● PROBLEM REQUIREMENTS:
Work out how many lines in the entries below contain the string "Finish". Reply with that figure alone.

● LISTED RECORDS:
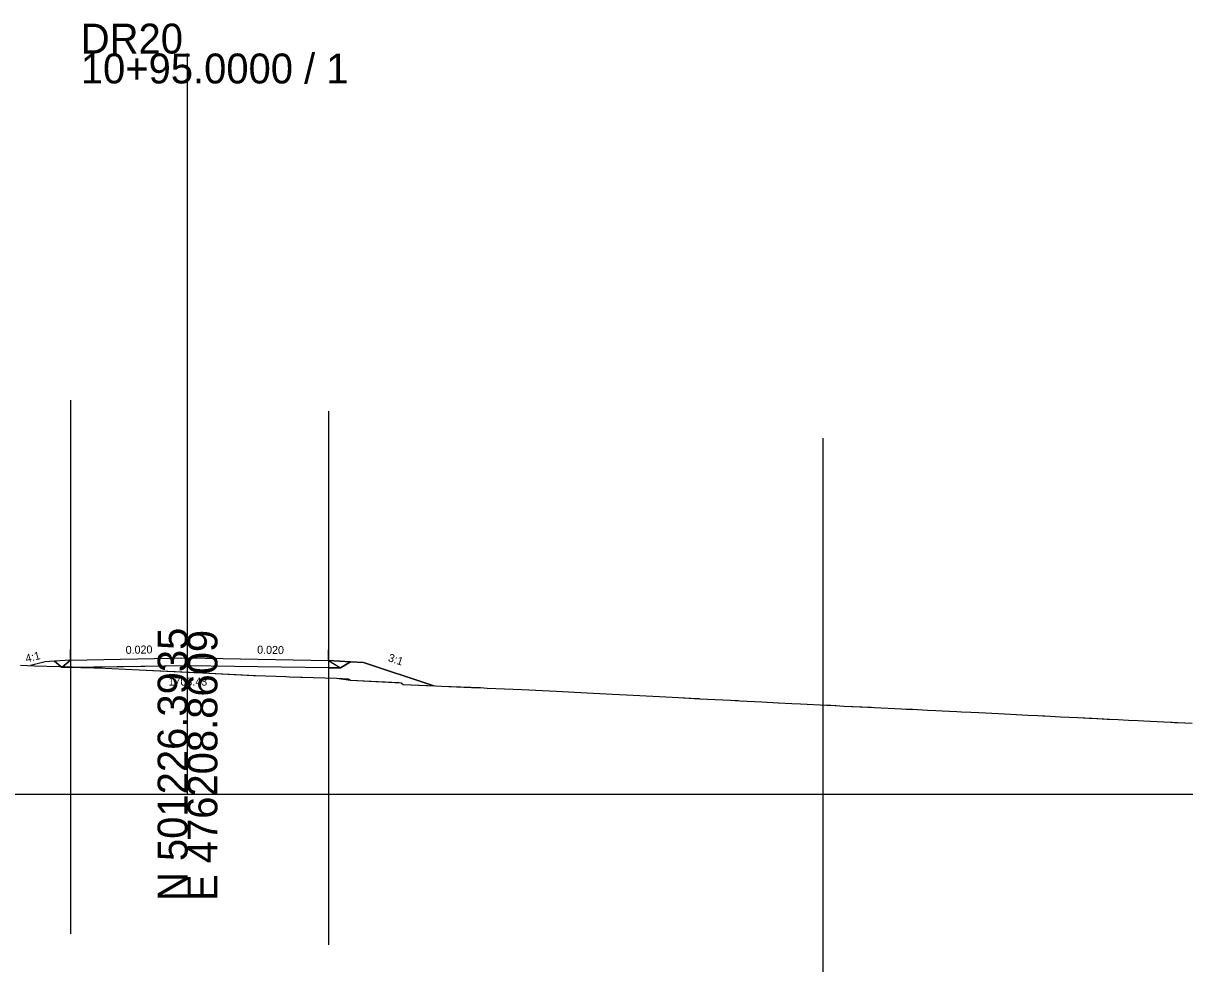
# Model space of a CAD drawing. Extents: x 78027 to 79855, y -93601 to -93005.
# Drawn here: x 78237.1 to 78345.9, y -93093.8 to -93005 of the extents above; entities that cross this region are included whole.
import ezdxf

# ---------------------------------------------------------------- set-up
doc = ezdxf.new("R2010")
doc.units = 0
for name, color, linetype in [('Exist Cross Section Cell', 7, 'Continuous'), ('Exist XS Center Line Elevation Label', 7, 'Continuous'), ('Exist XS Ground Line', 7, 'Continuous'), ('Prop XS Earthwork Shape', 7, 'Continuous'), ('Prop XS EOT Tick Mark', 7, 'Continuous'), ('Prop XS Finish Grade', 7, 'Continuous'), ('Prop XS Finish Grade Earthwork', 7, 'Continuous'), ('Prop XS Finish Grade Pavement', 7, 'Continuous'), ('Prop XS Pvmt Edge Slope', 7, 'Continuous'), ('Prop XS SE Text', 7, 'Continuous'), ('Prop XS Shoulder Borrow Shape', 7, 'Continuous'), ('Prop XS Side Slope Text', 7, 'Continuous'), ('Prop XS Subgrade Earthwork', 7, 'Continuous'), ('Scratch_Level_0', 7, 'Continuous'), ('Scratch_Level_4', 7, 'Continuous'), ('Scratch_Level_5', 7, 'Continuous'), ('Scratch_Level_6', 7, 'Continuous')]:
    doc.layers.add(name, color=color, linetype=linetype)

msp = doc.modelspace()

# ---------------------------------------------------------------- linework, layer by layer
at = {"layer": 'Exist Cross Section Cell'}
for p, q in [((78252.48, -93077.22), (78252.48, -93007.82)), ((78052.48, -93077.22), (78252.48, -93077.22)), ((78252.48, -93077.22), (78452.48, -93077.22))]:
    msp.add_line(p, q, dxfattribs=at)
at = {"layer": 'Exist XS Ground Line'}
for p, q in [((78236.82, -93065.11), (78238.15, -93065.18)), ((78238.15, -93065.18), (78240.47, -93065.26)), ((78240.47, -93065.26), (78240.99, -93065.26)), ((78240.99, -93065.26), (78243.76, -93065.38)), ((78243.76, -93065.38), (78244.11, -93065.38)), ((78244.11, -93065.38), (78247.95, -93065.56)), ((78247.95, -93065.56), (78252.48, -93065.79)), ((78252.48, -93065.79), (78252.58, -93065.79)), ((78252.58, -93065.79), (78252.65, -93065.79)), ((78252.65, -93065.79), (78253.09, -93065.8)), ((78253.09, -93065.8), (78253.28, -93065.81)), ((78253.28, -93065.81), (78258.65, -93066.08)), ((78258.65, -93066.08), (78258.69, -93066.08)), ((78258.69, -93066.08), (78258.86, -93066.09)), ((78258.86, -93066.09), (78261.69, -93066.19)), ((78261.69, -93066.19), (78262.39, -93066.24)), ((78262.39, -93066.24), (78262.75, -93066.23)), ((78262.75, -93066.23), (78263.08, -93066.24)), ((78263.08, -93066.24), (78263.27, -93066.25)), ((78263.27, -93066.25), (78264.27, -93066.29)), ((78264.27, -93066.29), (78266.45, -93066.35)), ((78266.45, -93066.35), (78267.56, -93066.41)), ((78267.56, -93066.41), (78267.76, -93066.52)), ((78267.76, -93066.52), (78272.27, -93066.76)), ((78272.27, -93066.76), (78272.5, -93066.77)), ((78272.5, -93066.77), (78272.68, -93066.93)), ((78272.68, -93066.93), (78275.72, -93067.06)), ((78275.72, -93067.06), (78276.27, -93067.09)), ((78276.27, -93067.09), (78279.78, -93067.24)), ((78279.78, -93067.24), (78279.95, -93067.21)), ((78279.95, -93067.21), (78280.57, -93067.27)), ((78280.57, -93067.27), (78283.82, -93067.41)), ((78283.82, -93067.41), (78287.07, -93067.56)), ((78287.07, -93067.56), (78288.74, -93067.64)), ((78288.74, -93067.64), (78292.31, -93067.83)), ((78292.31, -93067.83), (78292.97, -93067.86)), ((78292.97, -93067.86), (78293.61, -93067.9)), ((78293.61, -93067.9), (78296.71, -93068.06)), ((78296.71, -93068.06), (78298.5, -93068.16)), ((78298.5, -93068.16), (78300.25, -93068.25)), ((78300.25, -93068.25), (78300.42, -93068.26)), ((78300.42, -93068.26), (78300.49, -93068.27)), ((78300.49, -93068.27), (78303.38, -93068.41)), ((78303.38, -93068.41), (78304.01, -93068.44)), ((78304.01, -93068.44), (78304.05, -93068.44)), ((78304.05, -93068.44), (78304.07, -93068.44)), ((78304.07, -93068.44), (78304.25, -93068.45)), ((78304.25, -93068.45), (78306.29, -93068.56)), ((78306.29, -93068.56), (78307.83, -93068.64)), ((78307.83, -93068.64), (78309.1, -93068.7)), ((78309.1, -93068.7), (78309.92, -93068.74)), ((78309.92, -93068.74), (78312.39, -93068.87)), ((78312.39, -93068.87), (78312.76, -93068.88)), ((78312.76, -93068.88), (78313.18, -93068.91)), ((78313.18, -93068.91), (78313.23, -93068.91)), ((78313.23, -93068.91), (78314, -93068.95)), ((78314, -93068.95), (78316.25, -93069.06)), ((78316.25, -93069.06), (78316.54, -93069.07)), ((78316.54, -93069.07), (78316.86, -93069.09)), ((78316.86, -93069.09), (78319.39, -93069.21)), ((78319.39, -93069.21), (78319.82, -93069.23)), ((78319.82, -93069.23), (78320.41, -93069.26)), ((78320.41, -93069.26), (78321.83, -93069.33)), ((78321.83, -93069.33), (78322.61, -93069.37)), ((78322.61, -93069.37), (78323.19, -93069.4)), ((78323.19, -93069.4), (78324.57, -93069.47)), ((78324.57, -93069.47), (78325, -93069.49)), ((78325, -93069.49), (78325.9, -93069.54)), ((78325.9, -93069.54), (78326.65, -93069.57)), ((78326.65, -93069.57), (78328.48, -93069.66)), ((78328.48, -93069.66), (78329.05, -93069.69)), ((78329.05, -93069.69), (78329.6, -93069.72)), ((78329.6, -93069.72), (78331.22, -93069.8)), ((78331.22, -93069.8), (78332.17, -93069.85)), ((78332.17, -93069.85), (78332.65, -93069.87)), ((78332.65, -93069.87), (78332.81, -93069.88)), ((78332.81, -93069.88), (78334.3, -93069.95)), ((78334.3, -93069.95), (78335.9, -93070.03)), ((78335.9, -93070.03), (78336.99, -93070.08)), ((78336.99, -93070.08), (78337.23, -93070.1)), ((78337.23, -93070.1), (78338.68, -93070.17)), ((78338.68, -93070.17), (78338.91, -93070.18)), ((78338.91, -93070.18), (78339.7, -93070.22)), ((78339.7, -93070.22), (78340.65, -93070.27)), ((78340.65, -93070.27), (78341.58, -93070.32)), ((78341.58, -93070.32), (78342.09, -93070.34)), ((78342.09, -93070.34), (78343.99, -93070.43)), ((78343.99, -93070.43), (78344.77, -93070.47)), ((78344.77, -93070.47), (78344.98, -93070.48)), ((78344.98, -93070.48), (78345.25, -93070.49)), ((78345.25, -93070.49), (78346.62, -93070.56))]:
    msp.add_line(p, q, dxfattribs=at)
at = {"layer": 'Prop XS Earthwork Shape'}
for points in [[(78240.61, -93065.26), (78240.01, -93064.75), (78239.14, -93064.81), (78237.76, -93065.16), (78238.15, -93065.18), (78240.47, -93065.26)], [(78240.61, -93065.26), (78240.01, -93064.75), (78239.14, -93064.81), (78237.76, -93065.16), (78238.15, -93065.18), (78240.47, -93065.26)], [(78242.49, -93065.33), (78243.76, -93065.38), (78244.11, -93065.38), (78247.95, -93065.56), (78252.48, -93065.79), (78252.58, -93065.79), (78252.65, -93065.79), (78253.09, -93065.8), (78253.28, -93065.81), (78258.65, -93066.08), (78258.69, -93066.08), (78258.86, -93066.09), (78261.69, -93066.19), (78262.39, -93066.24), (78262.75, -93066.23), (78263.08, -93066.24), (78263.27, -93066.25), (78264.27, -93066.29), (78266.45, -93066.35), (78267.56, -93066.41), (78267.76, -93066.52), (78272.27, -93066.76), (78272.5, -93066.77), (78272.68, -93066.93), (78275.56, -93067.06), (78268.97, -93064.86), (78267.76, -93064.8), (78266.81, -93065.38), (78265.7, -93065.36), (78252.48, -93065.2)], [(78242.49, -93065.33), (78243.76, -93065.38), (78244.11, -93065.38), (78247.95, -93065.56), (78252.48, -93065.79), (78252.58, -93065.79), (78252.65, -93065.79), (78253.09, -93065.8), (78253.28, -93065.81), (78258.65, -93066.08), (78258.69, -93066.08), (78258.86, -93066.09), (78261.69, -93066.19), (78262.39, -93066.24), (78262.75, -93066.23), (78263.08, -93066.24), (78263.27, -93066.25), (78264.27, -93066.29), (78266.45, -93066.35), (78267.56, -93066.41), (78267.76, -93066.52), (78272.27, -93066.76), (78272.5, -93066.77), (78272.68, -93066.93), (78275.56, -93067.06), (78268.97, -93064.86), (78267.76, -93064.8), (78266.81, -93065.38), (78265.7, -93065.36), (78252.48, -93065.2)], [(78242.49, -93065.33), (78241.5, -93065.34), (78240.7, -93065.33), (78240.61, -93065.26), (78240.99, -93065.26)], [(78240.61, -93065.26), (78240.99, -93065.26), (78242.49, -93065.33), (78241.5, -93065.34), (78240.7, -93065.33)]]:
    msp.add_lwpolyline(points, close=True, dxfattribs=at)
at = {"layer": 'Prop XS EOT Tick Mark'}
for p, q in [((78241.5, -93064.65), (78241.5, -93063.65)), ((78265.7, -93064.7), (78265.7, -93063.7))]:
    msp.add_line(p, q, dxfattribs=at)
at = {"layer": 'Prop XS Finish Grade'}
for p, q in [((78241.5, -93064.65), (78240.01, -93064.75)), ((78265.7, -93064.7), (78267.76, -93064.8))]:
    msp.add_line(p, q, dxfattribs=at)
at = {"layer": 'Prop XS Finish Grade Earthwork'}
for p, q in [((78239.14, -93064.81), (78237.76, -93065.16)), ((78240.01, -93064.75), (78239.14, -93064.81)), ((78267.76, -93064.8), (78268.97, -93064.86)), ((78268.97, -93064.86), (78275.56, -93067.05))]:
    msp.add_line(p, q, dxfattribs=at)
at = {"layer": 'Prop XS Finish Grade Pavement'}
for p, q in [((78241.5, -93064.65), (78252.48, -93064.43)), ((78252.48, -93064.43), (78265.7, -93064.7))]:
    msp.add_line(p, q, dxfattribs=at)
at = {"layer": 'Prop XS Pvmt Edge Slope'}
for p, q in [((78241.5, -93064.65), (78240.7, -93065.33)), ((78265.7, -93064.7), (78266.81, -93065.38))]:
    msp.add_line(p, q, dxfattribs=at)
at = {"layer": 'Prop XS Shoulder Borrow Shape'}
for points in [[(78241.5, -93064.65), (78240.01, -93064.75), (78240.61, -93065.26), (78240.78, -93065.26)], [(78266.81, -93065.38), (78267.76, -93064.8), (78265.7, -93064.7)], [(78240.7, -93065.33), (78240.61, -93065.26), (78240.78, -93065.26)], [(78241.5, -93065.34), (78240.7, -93065.33), (78240.78, -93065.26), (78240.99, -93065.26), (78242.49, -93065.33)]]:
    msp.add_lwpolyline(points, close=True, dxfattribs=at)
at = {"layer": 'Prop XS Subgrade Earthwork'}
for p, q in [((78240.7, -93065.33), (78240.01, -93064.75)), ((78252.48, -93065.2), (78241.5, -93065.34)), ((78265.7, -93065.36), (78252.48, -93065.2)), ((78266.81, -93065.38), (78267.76, -93064.8)), ((78241.5, -93065.34), (78240.7, -93065.33)), ((78265.7, -93065.36), (78266.81, -93065.38))]:
    msp.add_line(p, q, dxfattribs=at)
at = {"layer": 'Scratch_Level_0'}
msp.add_lwpolyline([(78236.82, -93065.11), (78238.15, -93065.18), (78240.47, -93065.26), (78240.99, -93065.26), (78243.76, -93065.38), (78244.11, -93065.38), (78247.95, -93065.56), (78252.65, -93065.79), (78253.28, -93065.81), (78258.86, -93066.09), (78261.69, -93066.19), (78262.39, -93066.24), (78262.75, -93066.23), (78263.27, -93066.25), (78264.27, -93066.29), (78266.45, -93066.35), (78267.76, -93066.52), (78272.5, -93066.77), (78272.68, -93066.93), (78275.72, -93067.06), (78276.27, -93067.09), (78279.95, -93067.21), (78280.57, -93067.27), (78283.82, -93067.41), (78287.07, -93067.56), (78288.74, -93067.64), (78292.31, -93067.83), (78292.97, -93067.86), (78293.61, -93067.9), (78296.71, -93068.06), (78298.5, -93068.16), (78300.49, -93068.27), (78303.38, -93068.41), (78304.25, -93068.45), (78306.29, -93068.56), (78307.83, -93068.64), (78309.1, -93068.7), (78309.92, -93068.74), (78312.39, -93068.87), (78312.76, -93068.88), (78313.23, -93068.91), (78314, -93068.95), (78316.54, -93069.07), (78316.86, -93069.09), (78319.39, -93069.21), (78319.82, -93069.23), (78320.41, -93069.26), (78321.83, -93069.33), (78322.61, -93069.37), (78323.19, -93069.4), (78324.57, -93069.47), (78325, -93069.49), (78325.9, -93069.54), (78326.65, -93069.57), (78328.48, -93069.66), (78329.05, -93069.69), (78329.6, -93069.72), (78331.22, -93069.8), (78332.17, -93069.85), (78332.81, -93069.88), (78334.3, -93069.95), (78335.9, -93070.03), (78337.23, -93070.1), (78338.91, -93070.18), (78339.7, -93070.22), (78340.65, -93070.27), (78341.58, -93070.32), (78342.09, -93070.34), (78343.99, -93070.43), (78345.25, -93070.49), (78346.62, -93070.56)], dxfattribs=at)
at = {"layer": 'Scratch_Level_4'}
for p, q in [((78241.5, -93040.28), (78241.5, -93090.28)), ((78265.7, -93041.33), (78265.7, -93091.33)), ((78312.03, -93043.85), (78312.03, -93093.85))]:
    msp.add_line(p, q, dxfattribs=at)
at = {"layer": 'Scratch_Level_5'}
msp.add_lwpolyline([(78236.82, -93065.11), (78238.15, -93065.18), (78240.47, -93065.26), (78240.99, -93065.26), (78243.76, -93065.38), (78244.11, -93065.38), (78247.95, -93065.56), (78252.65, -93065.79), (78253.28, -93065.81), (78258.86, -93066.09), (78261.69, -93066.19), (78262.39, -93066.24), (78262.75, -93066.23), (78263.27, -93066.25), (78264.27, -93066.29), (78266.45, -93066.35), (78267.76, -93066.52), (78272.5, -93066.77), (78272.68, -93066.93), (78275.72, -93067.06), (78276.27, -93067.09), (78279.95, -93067.21), (78280.57, -93067.27), (78283.82, -93067.41), (78287.07, -93067.56), (78288.74, -93067.64), (78292.31, -93067.83), (78292.97, -93067.86), (78293.61, -93067.9), (78296.71, -93068.06), (78298.5, -93068.16), (78300.49, -93068.27), (78303.38, -93068.41), (78304.25, -93068.45), (78306.29, -93068.56), (78307.83, -93068.64), (78309.1, -93068.7), (78309.92, -93068.74), (78312.39, -93068.87), (78312.76, -93068.88), (78313.23, -93068.91), (78314, -93068.95), (78316.54, -93069.07), (78316.86, -93069.09), (78319.39, -93069.21), (78319.82, -93069.23), (78320.41, -93069.26), (78321.83, -93069.33), (78322.61, -93069.37), (78323.19, -93069.4), (78324.57, -93069.47), (78325, -93069.49), (78325.9, -93069.54), (78326.65, -93069.57), (78328.48, -93069.66), (78329.05, -93069.69), (78329.6, -93069.72), (78331.22, -93069.8), (78332.17, -93069.85), (78332.81, -93069.88), (78334.3, -93069.95), (78335.9, -93070.03), (78337.23, -93070.1), (78338.91, -93070.18), (78339.7, -93070.22), (78340.65, -93070.27), (78341.58, -93070.32), (78342.09, -93070.34), (78343.99, -93070.43), (78345.25, -93070.49), (78346.62, -93070.56)], dxfattribs=at)
at = {"layer": 'Scratch_Level_6'}
msp.add_lwpolyline([(78236.82, -93065.11), (78238.15, -93065.18), (78240.47, -93065.26), (78240.99, -93065.26), (78243.76, -93065.38), (78244.11, -93065.38), (78247.95, -93065.56), (78252.65, -93065.79), (78253.28, -93065.81), (78258.86, -93066.09), (78261.69, -93066.19), (78262.39, -93066.24), (78262.75, -93066.23), (78263.27, -93066.25), (78264.27, -93066.29), (78266.45, -93066.35), (78267.76, -93066.52), (78272.5, -93066.77), (78272.68, -93066.93), (78275.72, -93067.06), (78276.27, -93067.09), (78279.95, -93067.21), (78280.57, -93067.27), (78283.82, -93067.41), (78287.07, -93067.56), (78288.74, -93067.64), (78292.31, -93067.83), (78292.97, -93067.86), (78293.61, -93067.9), (78296.71, -93068.06), (78298.5, -93068.16), (78300.49, -93068.27), (78303.38, -93068.41), (78304.25, -93068.45), (78306.29, -93068.56), (78307.83, -93068.64), (78309.1, -93068.7), (78309.92, -93068.74), (78312.39, -93068.87), (78312.76, -93068.88), (78313.23, -93068.91), (78314, -93068.95), (78316.54, -93069.07), (78316.86, -93069.09), (78319.39, -93069.21), (78319.82, -93069.23), (78320.41, -93069.26), (78321.83, -93069.33), (78322.61, -93069.37), (78323.19, -93069.4), (78324.57, -93069.47), (78325, -93069.49), (78325.9, -93069.54), (78326.65, -93069.57), (78328.48, -93069.66), (78329.05, -93069.69), (78329.6, -93069.72), (78331.22, -93069.8), (78332.17, -93069.85), (78332.81, -93069.88), (78334.3, -93069.95), (78335.9, -93070.03), (78337.23, -93070.1), (78338.91, -93070.18), (78339.7, -93070.22), (78340.65, -93070.27), (78341.58, -93070.32), (78342.09, -93070.34), (78343.99, -93070.43), (78345.25, -93070.49), (78346.62, -93070.56)], dxfattribs=at)

# ---------------------------------------------------------------- texts
at = {"layer": 'Exist Cross Section Cell'}
for s, p in [('DR20', (78242.48, -93007.82)), ('10+95.0000 / 1', (78242.48, -93010.62))]:
    msp.add_text(s, height=2.8, dxfattribs=at).set_placement(p)
for s, p in [('N 501226.3935', (78252.48, -93087.22)), ('E 476208.8609', (78255.28, -93087.22))]:
    msp.add_text(s, height=2.8, rotation=90, dxfattribs=at).set_placement(p)
at = {"layer": 'Exist XS Center Line Elevation Label'}
msp.add_text('1703.43', height=0.75, dxfattribs=at).set_placement((78250.7, -93067.04))
at = {"layer": 'Prop XS SE Text'}
for rotation, p in [(1.1458, (78246.69, -93064.07)), (358.8542, (78259, -93064.04))]:
    msp.add_text('0.020', height=0.75, rotation=rotation, dxfattribs=at).set_placement(p)
at = {"layer": 'Prop XS Side Slope Text'}
for s, rotation, p in [('4:1', 14.0362, (78237.39, -93064.88)), ('3:1', 341.5651, (78271.22, -93064.73))]:
    msp.add_text(s, height=0.75, rotation=rotation, dxfattribs=at).set_placement(p)

doc.saveas('drawing.dxf')

● RESPONSE AREA:
4